Körperliches

Körperliches

Was sehe ich von Dir?
Was bleibt übrig,
Wenn ich mit Dir gehe?
Verbleib in weiter Ferne.
Wenn jemand da ist,
Dann verschwinde ich gerne.
Ich bleibe stumm,
Seh nur noch Sterne.
Wann werd ich sagen:
„Hab Dich so gerne.“

JB-12-2015

Dein Angesicht

Dein Angesicht

Dein Angesicht,
Ein Mond in meinen Händen.
Will mit Dir zusammen Schicksal wenden.
Uns’re Seelen wie Zöpfe, die man zusammen flicht.

Und wenn ich Dich verlier‘,
Was bleibt als Trost?
Wie vom Leben ausgelost,
Fängt Dich ein Biest mit kalter Gier.

JB-12-2015

Gefangen

Gefangen

Wohin mit mir?
Gefangen in mir selbst wie ein Tier.
Kein Schritt vorwärts, kein Schritt zurück.
Stehe im Eis und warte auf das Glück.
Musik und Freunde lenken ab.
Nur hab ich die nicht immer.
Komm mir vor wie im Grab.
Müde vom eigenen Gewimmer.

JB-12-2015

Bestimmung

Bestimmung

Wohin verweht es mich?
Ist doch unglaublich!
Was die Welt gibt.
Was mit mir geschieht.

Zieh‘ eine Nummer,
Sonst gibt es Kummer.
Bleib nicht stehen,
Sonst wird was geschehen.

Arbeiten heißt das Gebot.
Sonst schlechte Zukunft droht.
Geschäft oder Untergang.
Für mich ein Missklang.

Will mich verwirklichen.
Kreativ unter Möglichen.
Will die Welt begreifen.
Das Alles muss doch reifen.

Brauch etwas Zeit,
Der Weg ist so weit.
Will mich erfahren,
Muss dafür sparen.

Wenn Menschen fühlen,
Die Welt mit Herz füllen.
Bringt uns das Sicht,
Gibt uns Gesicht.

JB-11-2015

Geduld

Geduld

Worauf warte ich mit weichen Knien?
Warum verstecke ich mich unter Decken?
Ich will aufwachen, die Welt entdecken.
Will mit offenem Herzen nach Draußen ziehen.
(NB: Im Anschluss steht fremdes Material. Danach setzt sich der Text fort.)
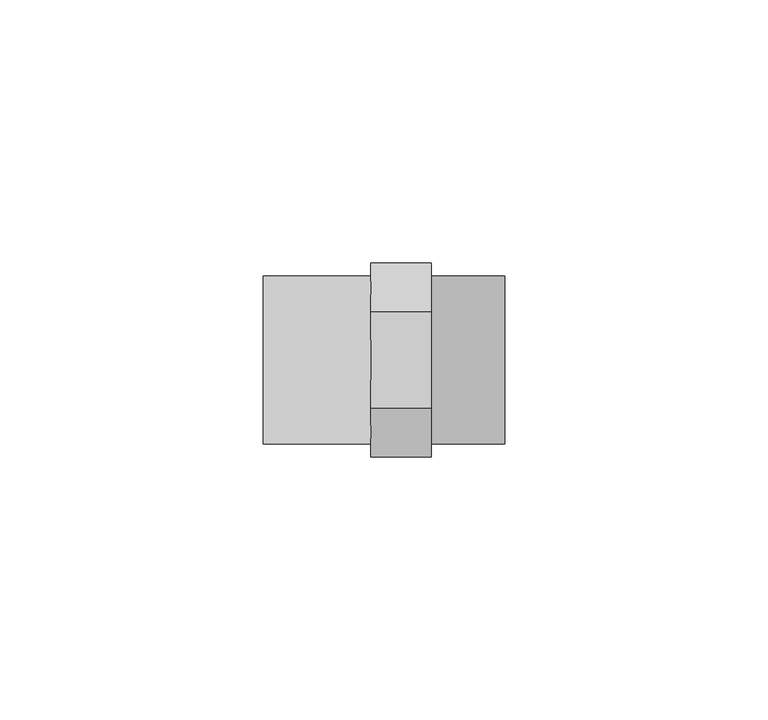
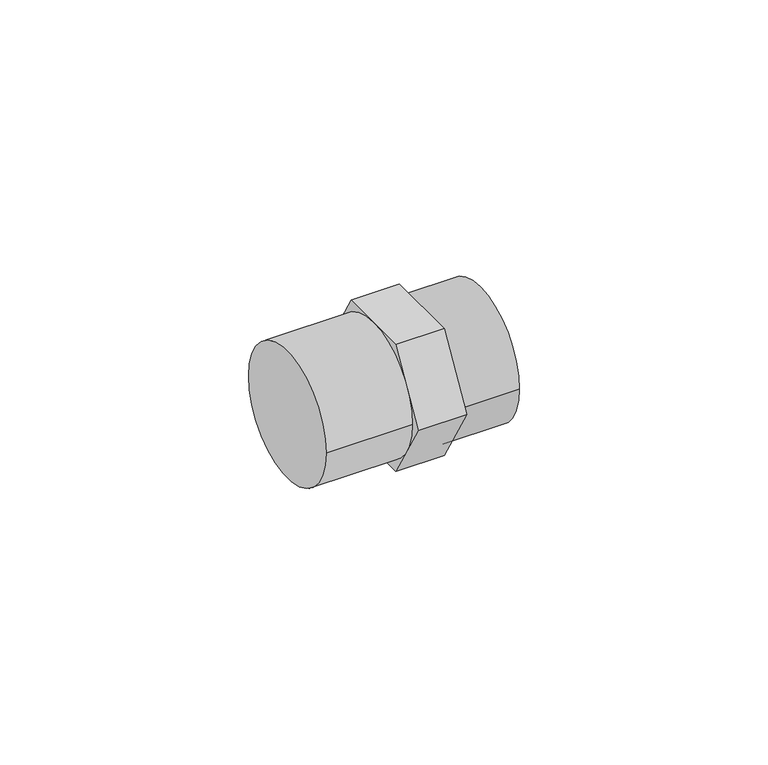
"""IFC4 building model written with IfcOpenShell, lengths in millimetres: pipe fitting geometry, 01011006 : Uniões de redução M/F."""

from ifc_helpers import new_model, si_unit, point, frame, origin, origin_2d, place, context, project, spatial, polyline, circle_curve, trimmed, segment, composite_curve, outline, extrude, source, transform, mapped, element, save


def pipe_fitting_df57b986(model_context):
    return source(origin(), model_context, "Body", "SweptSolid", [
        extrude(outline(composite_curve([segment(trimmed(circle_curve(origin_2d(), 16.0), [point((16.0, 0.0))], [point((-16.0, 0.0))], False, "CARTESIAN"), True, "CONTINUOUS"), segment(trimmed(circle_curve(origin_2d(), 16.0), [point((-16.0, 0.0))], [point((16.0, 0.0))], False, "CARTESIAN"), True, "CONTINUOUS")], self_intersect=False)), frame((0.0, 0.0, 0.0), z_axis=(1.0, 0.0, 0.0), x_axis=(0.0, 1.0, 0.0)), (0.0, 0.0, 1.0), 20.5),
        extrude(outline(polyline([(-9.2376043, 16.0), (9.2376043, 16.0), (18.4752086, 0.0), (9.2376043, -16.0), (-9.2376043, -16.0), (-18.4752086, 0.0), (-9.2376043, 16.0)])), frame((20.5, 0.0, 0.0), z_axis=(1.0, 0.0, 0.0), x_axis=(0.0, 1.0, 0.0)), (0.0, 0.0, 1.0), 11.5),
        extrude(outline(composite_curve([segment(trimmed(circle_curve(origin_2d(), 16.0), [point((-16.0, 0.0))], [point((16.0, 0.0))], False, "CARTESIAN"), True, "CONTINUOUS"), segment(trimmed(circle_curve(origin_2d(), 16.0), [point((16.0, 0.0))], [point((-16.0, 0.0))], False, "CARTESIAN"), True, "CONTINUOUS")], self_intersect=False)), frame((32.0, 0.0, 0.0), z_axis=(1.0, 0.0, 0.0), x_axis=(0.0, 1.0, 0.0)), (0.0, 0.0, 1.0), 14.0),
    ])


if __name__ == "__main__":
    model = new_model("IFC4")
    model_context = context("Model", 3, world=origin())
    ifc_project = project(units=[si_unit("LENGTHUNIT", "METRE", prefix="MILLI")], contexts=[model_context])
    site = spatial("IfcSite", under=ifc_project)
    building = spatial("IfcBuilding", under=site)
    placement = place(None, origin())
    pipe_fitting_shape = pipe_fitting_df57b986(model_context)
    element("IfcPipeFitting", 1, ObjectType="01011006 : Uniões de redução M/F", at=placement, inside=building, context=model_context, shape_type="MappedRepresentation", body=[
        mapped(pipe_fitting_shape, transform((0.0, 0.0, 0.0), x_axis=(1.0, 0.0, 0.0), y_axis=(0.0, 1.0, 0.0), z_axis=(0.0, 0.0, 1.0))),
    ])
    save(model, "model.ifc")

Nicht mehr lang, dann wage ich den Sprung.
Nur noch kurze Zeit, dann finde ich die Kraft.
Keine Furcht mehr vor der Einzelhaft.
Die Träume werden wahr und das bedeutet Heilung.

Wenn ich die Spur verliere, helfen mir die Leute.
Wenn ich mein Herz verschenke, rettet mich die Glut.
Werde einig mit der Lebensflut.
Erfreu mich an der tanzenden Meute.

Brauche ich jemanden um aufzutauen?
Sing ich nicht allein die schönsten Lieder?
Fühl mich lebendig bis in alle Glieder.
Freunde sind da mich aufzubauen.

Für all das brauch ich doch Geduld.
Der Hexenkessel schenkt die tollsten Tränke.
Brauch keine Bosheit und auch keine Ränke.
Bring mich zurück zur ersten Unschuld.

JB-11-2015

Reigen 2

Reigen 2

Hunde schweigen.
Hier ist ein neuer Reigen.
Geh nicht mehr gebückt,
Immer noch nicht geschmückt.

Tanz mit mir zu diesem Lied.
Das wird unser letzter Sieg.
Kann die Welt nicht lesen.
Noch nie dagewesen.

Neues, Blaues, Altes.
Gib es weg und falt es.
Hat jetzt einen Sinn,
Grad da wo ich bin.

Wieder nur durch Traum geweckt,
Was wenn Wahrheit in mir steckt?
Wird der Raum geteilt,
Bin ich dann geheilt?

JB-11-2015 (nach Konzert von Chelsea Wolfe)

Lebenswelten

Lebenswelten

Ich lebe in mir, welches Leben ich mir immer schenke.
Viel hilft viel, so sagt man.

Ich will fliegen, leicht sein – libellenleicht.
Doch ich bin erdenschwer – so bodennah wie ein Bär.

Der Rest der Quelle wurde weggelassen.